The development of shale plays in North America has achieved great success in satisfying increased energy demand. With the advances in experimental approaches, investigation of microstructures in organic-rich shale has identified several different pore types and the abundance of pores from the nanometer to the micron scale. Yet current modeling work for such reservoirs is mainly performed with dual porosity models based on Darcy's law. In addition, a great discrepancy between simulation results and production data persists. Because flow regimes in porous media are quite sensitive to pore size, the flow mechanisms in shale reservoirs are considerably more complex than Darcy flow and the feasibility of conventional models has been frequently challenged.
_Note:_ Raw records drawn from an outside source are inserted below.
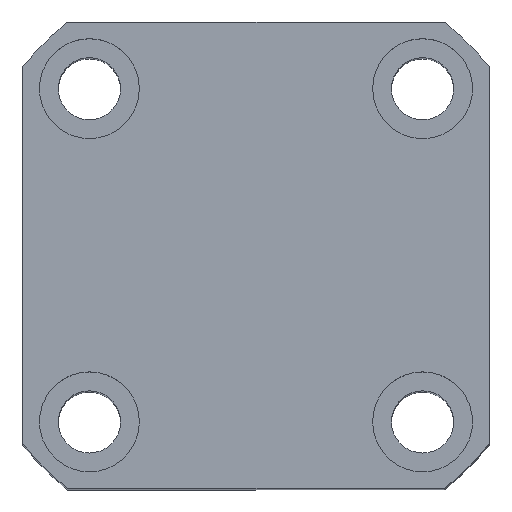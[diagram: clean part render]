
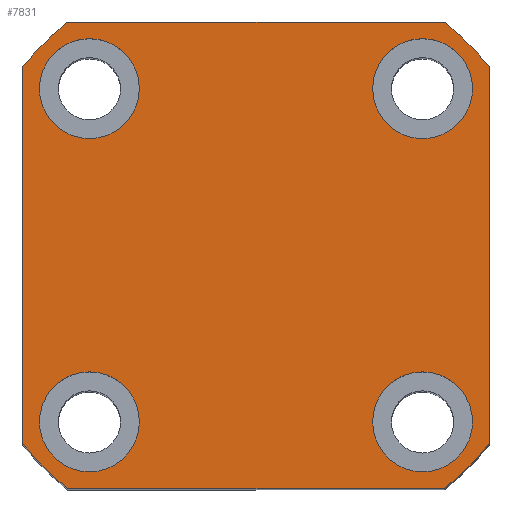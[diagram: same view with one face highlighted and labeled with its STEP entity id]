
A CAD part, top view. The second image highlights one B-rep face of the part: STEP entity #7831.
In plain terms, the highlighted planar face has unit normal (0, 0, 1).
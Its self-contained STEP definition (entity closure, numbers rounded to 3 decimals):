
#26 = PLANE ( 'NONE',  #8582 ) ;
#134 = CARTESIAN_POINT ( 'NONE',  ( 0., 0., 78. ) ) ;
#186 = CIRCLE ( 'NONE', #8177, 27. ) ;
#211 = VERTEX_POINT ( 'NONE', #2561 ) ;
#232 = CARTESIAN_POINT ( 'NONE',  ( -19.5, 15.002, 78. ) ) ;
#310 = FACE_BOUND ( 'NONE', #1974, .T. ) ;
#312 = EDGE_CURVE ( 'NONE', #10568, #9391, #1649, .T. ) ;
#347 = CIRCLE ( 'NONE', #8759, 4.5 ) ;
#390 = EDGE_CURVE ( 'NONE', #9391, #10568, #9611, .T. ) ;
#503 = VERTEX_POINT ( 'NONE', #232 ) ;
#578 = ORIENTED_EDGE ( 'NONE', *, *, #6289, .F. ) ;
#871 = DIRECTION ( 'NONE',  ( 0., 0., 1. ) ) ;
#890 = CARTESIAN_POINT ( 'NONE',  ( 16.971, 21., 78. ) ) ;
#975 = DIRECTION ( 'NONE',  ( 1., 0., 0. ) ) ;
#998 = AXIS2_PLACEMENT_3D ( 'NONE', #1402, #7140, #2225 ) ;
#1079 = AXIS2_PLACEMENT_3D ( 'NONE', #6066, #1125, #6868 ) ;
#1125 = DIRECTION ( 'NONE',  ( 0., 0., 1. ) ) ;
#1146 = AXIS2_PLACEMENT_3D ( 'NONE', #4657, #5458, #6803 ) ;
#1259 = EDGE_LOOP ( 'NONE', ( #8280, #4428, #7029, #2913, #10031, #7380, #5077, #5585 ) ) ;
#1281 = CARTESIAN_POINT ( 'NONE',  ( -21., 16.971, 78. ) ) ;
#1318 = EDGE_CURVE ( 'NONE', #10390, #4409, #7951, .T. ) ;
#1387 = EDGE_LOOP ( 'NONE', ( #7286, #1997 ) ) ;
#1402 = CARTESIAN_POINT ( 'NONE',  ( 0., 0., 78. ) ) ;
#1479 = CARTESIAN_POINT ( 'NONE',  ( 21., -16.971, 78. ) ) ;
#1513 = DIRECTION ( 'NONE',  ( 0., 0., 1. ) ) ;
#1569 = CIRCLE ( 'NONE', #7905, 4.5 ) ;
#1649 = CIRCLE ( 'NONE', #8507, 4.5 ) ;
#1741 = EDGE_CURVE ( 'NONE', #9239, #9711, #8319, .T. ) ;
#1871 = CIRCLE ( 'NONE', #8043, 4.5 ) ;
#1974 = EDGE_LOOP ( 'NONE', ( #3590, #2514 ) ) ;
#1989 = CIRCLE ( 'NONE', #3374, 4.5 ) ;
#1997 = ORIENTED_EDGE ( 'NONE', *, *, #390, .F. ) ;
#2066 = AXIS2_PLACEMENT_3D ( 'NONE', #9187, #4265, #9972 ) ;
#2138 = VERTEX_POINT ( 'NONE', #5104 ) ;
#2225 = DIRECTION ( 'NONE',  ( 1., 0., 0. ) ) ;
#2234 = VERTEX_POINT ( 'NONE', #9531 ) ;
#2358 = CARTESIAN_POINT ( 'NONE',  ( 21., 16.971, 78. ) ) ;
#2479 = LINE ( 'NONE', #10394, #2748 ) ;
#2500 = FACE_BOUND ( 'NONE', #3188, .T. ) ;
#2514 = ORIENTED_EDGE ( 'NONE', *, *, #2564, .F. ) ;
#2520 = DIRECTION ( 'NONE',  ( 1., 0., 0. ) ) ;
#2561 = CARTESIAN_POINT ( 'NONE',  ( 19.5, 15., 78. ) ) ;
#2564 = EDGE_CURVE ( 'NONE', #503, #4433, #347, .T. ) ;
#2584 = CARTESIAN_POINT ( 'NONE',  ( -10.5, 15.002, 78. ) ) ;
#2748 = VECTOR ( 'NONE', #4666, 1000. ) ;
#2913 = ORIENTED_EDGE ( 'NONE', *, *, #4347, .T. ) ;
#2933 = DIRECTION ( 'NONE',  ( 0., 0., 1. ) ) ;
#2987 = CARTESIAN_POINT ( 'NONE',  ( -10.5, -14.998, 78. ) ) ;
#3188 = EDGE_LOOP ( 'NONE', ( #9449, #4560 ) ) ;
#3374 = AXIS2_PLACEMENT_3D ( 'NONE', #9642, #4755, #10437 ) ;
#3590 = ORIENTED_EDGE ( 'NONE', *, *, #9496, .F. ) ;
#3731 = CARTESIAN_POINT ( 'NONE',  ( 15., -14.998, 78. ) ) ;
#3780 = VECTOR ( 'NONE', #4274, 1000. ) ;
#3853 = DIRECTION ( 'NONE',  ( 0., 0., 1. ) ) ;
#4036 = CIRCLE ( 'NONE', #998, 27. ) ;
#4155 = DIRECTION ( 'NONE',  ( 0., 0., 1. ) ) ;
#4162 = CIRCLE ( 'NONE', #2066, 4.5 ) ;
#4265 = DIRECTION ( 'NONE',  ( 0., 0., 1. ) ) ;
#4274 = DIRECTION ( 'NONE',  ( -1., 0., 0. ) ) ;
#4289 = VERTEX_POINT ( 'NONE', #4956 ) ;
#4347 = EDGE_CURVE ( 'NONE', #2138, #9239, #9939, .T. ) ;
#4381 = CARTESIAN_POINT ( 'NONE',  ( -21., -16.971, 78. ) ) ;
#4409 = VERTEX_POINT ( 'NONE', #890 ) ;
#4428 = ORIENTED_EDGE ( 'NONE', *, *, #1318, .T. ) ;
#4433 = VERTEX_POINT ( 'NONE', #2584 ) ;
#4539 = DIRECTION ( 'NONE',  ( 1., 0., 0. ) ) ;
#4560 = ORIENTED_EDGE ( 'NONE', *, *, #6457, .F. ) ;
#4597 = AXIS2_PLACEMENT_3D ( 'NONE', #4711, #7036, #8690 ) ;
#4657 = CARTESIAN_POINT ( 'NONE',  ( -15., -14.998, 78. ) ) ;
#4666 = DIRECTION ( 'NONE',  ( 0., 1., 0. ) ) ;
#4711 = CARTESIAN_POINT ( 'NONE',  ( 0., 0., 78. ) ) ;
#4755 = DIRECTION ( 'NONE',  ( 0., 0., 1. ) ) ;
#4793 = EDGE_CURVE ( 'NONE', #10422, #10598, #6008, .T. ) ;
#4809 = EDGE_CURVE ( 'NONE', #211, #8778, #1871, .T. ) ;
#4935 = VERTEX_POINT ( 'NONE', #1479 ) ;
#4945 = FACE_BOUND ( 'NONE', #1387, .T. ) ;
#4956 = CARTESIAN_POINT ( 'NONE',  ( 19.5, -14.998, 78. ) ) ;
#5077 = ORIENTED_EDGE ( 'NONE', *, *, #4793, .T. ) ;
#5104 = CARTESIAN_POINT ( 'NONE',  ( -16.971, 21., 78. ) ) ;
#5332 = EDGE_LOOP ( 'NONE', ( #578, #7795 ) ) ;
#5458 = DIRECTION ( 'NONE',  ( 0., 0., 1. ) ) ;
#5477 = CARTESIAN_POINT ( 'NONE',  ( -15., -14.998, 78. ) ) ;
#5487 = AXIS2_PLACEMENT_3D ( 'NONE', #9095, #4155, #9875 ) ;
#5539 = EDGE_CURVE ( 'NONE', #10598, #4935, #186, .T. ) ;
#5585 = ORIENTED_EDGE ( 'NONE', *, *, #5539, .T. ) ;
#5707 = CARTESIAN_POINT ( 'NONE',  ( -16.971, -21., 78. ) ) ;
#5804 = CARTESIAN_POINT ( 'NONE',  ( 0., 0., 78. ) ) ;
#5919 = DIRECTION ( 'NONE',  ( 0., 0., 1. ) ) ;
#6008 = LINE ( 'NONE', #7889, #8166 ) ;
#6066 = CARTESIAN_POINT ( 'NONE',  ( -15., 15.002, 78. ) ) ;
#6289 = EDGE_CURVE ( 'NONE', #4289, #2234, #1989, .T. ) ;
#6420 = VECTOR ( 'NONE', #8597, 1000. ) ;
#6457 = EDGE_CURVE ( 'NONE', #8778, #211, #4162, .T. ) ;
#6626 = DIRECTION ( 'NONE',  ( 1., 0., 0. ) ) ;
#6803 = DIRECTION ( 'NONE',  ( 1., 0., 0. ) ) ;
#6868 = DIRECTION ( 'NONE',  ( 1., 0., 0. ) ) ;
#6871 = FACE_BOUND ( 'NONE', #5332, .T. ) ;
#7029 = ORIENTED_EDGE ( 'NONE', *, *, #9586, .T. ) ;
#7036 = DIRECTION ( 'NONE',  ( 0., 0., 1. ) ) ;
#7140 = DIRECTION ( 'NONE',  ( 0., 0., 1. ) ) ;
#7268 = CARTESIAN_POINT ( 'NONE',  ( -19.5, -14.998, 78. ) ) ;
#7286 = ORIENTED_EDGE ( 'NONE', *, *, #312, .F. ) ;
#7380 = ORIENTED_EDGE ( 'NONE', *, *, #8505, .T. ) ;
#7545 = CARTESIAN_POINT ( 'NONE',  ( -21., 21., 78. ) ) ;
#7795 = ORIENTED_EDGE ( 'NONE', *, *, #9557, .F. ) ;
#7831 = ADVANCED_FACE ( 'NONE', ( #310, #4945, #6871, #2500, #8808 ), #26, .T. ) ;
#7880 = LINE ( 'NONE', #7545, #3780 ) ;
#7889 = CARTESIAN_POINT ( 'NONE',  ( -21., -21., 78. ) ) ;
#7905 = AXIS2_PLACEMENT_3D ( 'NONE', #3731, #9445, #4539 ) ;
#7951 = CIRCLE ( 'NONE', #4597, 27. ) ;
#8043 = AXIS2_PLACEMENT_3D ( 'NONE', #8760, #3853, #9559 ) ;
#8166 = VECTOR ( 'NONE', #8732, 1000. ) ;
#8177 = AXIS2_PLACEMENT_3D ( 'NONE', #5804, #871, #6626 ) ;
#8280 = ORIENTED_EDGE ( 'NONE', *, *, #9870, .T. ) ;
#8319 = LINE ( 'NONE', #8627, #6420 ) ;
#8393 = CIRCLE ( 'NONE', #1079, 4.5 ) ;
#8505 = EDGE_CURVE ( 'NONE', #9711, #10422, #4036, .T. ) ;
#8507 = AXIS2_PLACEMENT_3D ( 'NONE', #5477, #1513, #2520 ) ;
#8582 = AXIS2_PLACEMENT_3D ( 'NONE', #134, #5919, #975 ) ;
#8597 = DIRECTION ( 'NONE',  ( 0., -1., 0. ) ) ;
#8627 = CARTESIAN_POINT ( 'NONE',  ( -21., 21., 78. ) ) ;
#8690 = DIRECTION ( 'NONE',  ( 1., 0., 0. ) ) ;
#8732 = DIRECTION ( 'NONE',  ( 1., 0., 0. ) ) ;
#8756 = CARTESIAN_POINT ( 'NONE',  ( 16.971, -21., 78. ) ) ;
#8759 = AXIS2_PLACEMENT_3D ( 'NONE', #9852, #2933, #9768 ) ;
#8760 = CARTESIAN_POINT ( 'NONE',  ( 15., 15., 78. ) ) ;
#8778 = VERTEX_POINT ( 'NONE', #8903 ) ;
#8808 = FACE_OUTER_BOUND ( 'NONE', #1259, .T. ) ;
#8903 = CARTESIAN_POINT ( 'NONE',  ( 10.5, 15., 78. ) ) ;
#9095 = CARTESIAN_POINT ( 'NONE',  ( 0., 0., 78. ) ) ;
#9187 = CARTESIAN_POINT ( 'NONE',  ( 15., 15., 78. ) ) ;
#9239 = VERTEX_POINT ( 'NONE', #1281 ) ;
#9391 = VERTEX_POINT ( 'NONE', #7268 ) ;
#9445 = DIRECTION ( 'NONE',  ( 0., 0., 1. ) ) ;
#9449 = ORIENTED_EDGE ( 'NONE', *, *, #4809, .F. ) ;
#9496 = EDGE_CURVE ( 'NONE', #4433, #503, #8393, .T. ) ;
#9531 = CARTESIAN_POINT ( 'NONE',  ( 10.5, -14.998, 78. ) ) ;
#9557 = EDGE_CURVE ( 'NONE', #2234, #4289, #1569, .T. ) ;
#9559 = DIRECTION ( 'NONE',  ( 1., 0., 0. ) ) ;
#9586 = EDGE_CURVE ( 'NONE', #4409, #2138, #7880, .T. ) ;
#9611 = CIRCLE ( 'NONE', #1146, 4.5 ) ;
#9642 = CARTESIAN_POINT ( 'NONE',  ( 15., -14.998, 78. ) ) ;
#9711 = VERTEX_POINT ( 'NONE', #4381 ) ;
#9768 = DIRECTION ( 'NONE',  ( 1., 0., 0. ) ) ;
#9852 = CARTESIAN_POINT ( 'NONE',  ( -15., 15.002, 78. ) ) ;
#9870 = EDGE_CURVE ( 'NONE', #4935, #10390, #2479, .T. ) ;
#9875 = DIRECTION ( 'NONE',  ( 1., 0., 0. ) ) ;
#9939 = CIRCLE ( 'NONE', #5487, 27. ) ;
#9972 = DIRECTION ( 'NONE',  ( 1., 0., 0. ) ) ;
#10031 = ORIENTED_EDGE ( 'NONE', *, *, #1741, .T. ) ;
#10390 = VERTEX_POINT ( 'NONE', #2358 ) ;
#10394 = CARTESIAN_POINT ( 'NONE',  ( 21., 21., 78. ) ) ;
#10422 = VERTEX_POINT ( 'NONE', #5707 ) ;
#10437 = DIRECTION ( 'NONE',  ( 1., 0., 0. ) ) ;
#10568 = VERTEX_POINT ( 'NONE', #2987 ) ;
#10598 = VERTEX_POINT ( 'NONE', #8756 ) ;

This work presents an integration of realistic multi-porosity and multi-mechanistic treatments to resolve the conundrum of fluid flow in shale.
Based on a unique reservoir simulator, a micro-scale multiple-porosity model for gas flow in shale reservoirs is presented in this paper. The model consists of three separate porosity systems: kerogen, inorganic minerals, and natural fractures. Inorganic and organic portions of the shale matrix are represented by sub-continua with different characteristics considering pore structures, fluid storage and flow mechanisms. In the kerogen gas desorption, diffusion and Darcy flow occur simultaneously. Through considering the different pore families in the kerogen, the effects of nanopores and microporosity are incorporated into the model. In addition, a novel gridding scheme has been specially designed to recognize the complex structures. To accomplish this, the grid incorporates randomly distributed kerogen in the shale matrix and different continua are tied to each other via arbitrary connectivities. Through changing the properties of both matrix and fracture, a unified concept of dynamic apparent permeability of shale matrix is proposed. The derived concept allows the design and function of the Micro-Scale Model to be extended to the reservoir scale model containing hydraulic fractures. The more realistic gas production forecasts using the workflow presented in this paper indicate significant differences from that of conventional models. The ability to more accurately simulate the complex flow mechanisms using the proposed techniques will allow operators to better predict and enhance ultimate recovery from shale reservoirs.
The development of gas shale plays is much more difficult than that of conventional reservoirs, and horizontal well and hydraulic fracturing technologies are indispensable to obtain profitable production rates in shale gas reservoirs (King 2010). However, so far there is no acceptable theory system to sufficiently evaluate and forecast shale gas production (Passey et al. 2010), since there exist a lot of complexities and uncertainties for such kind of reservoirs.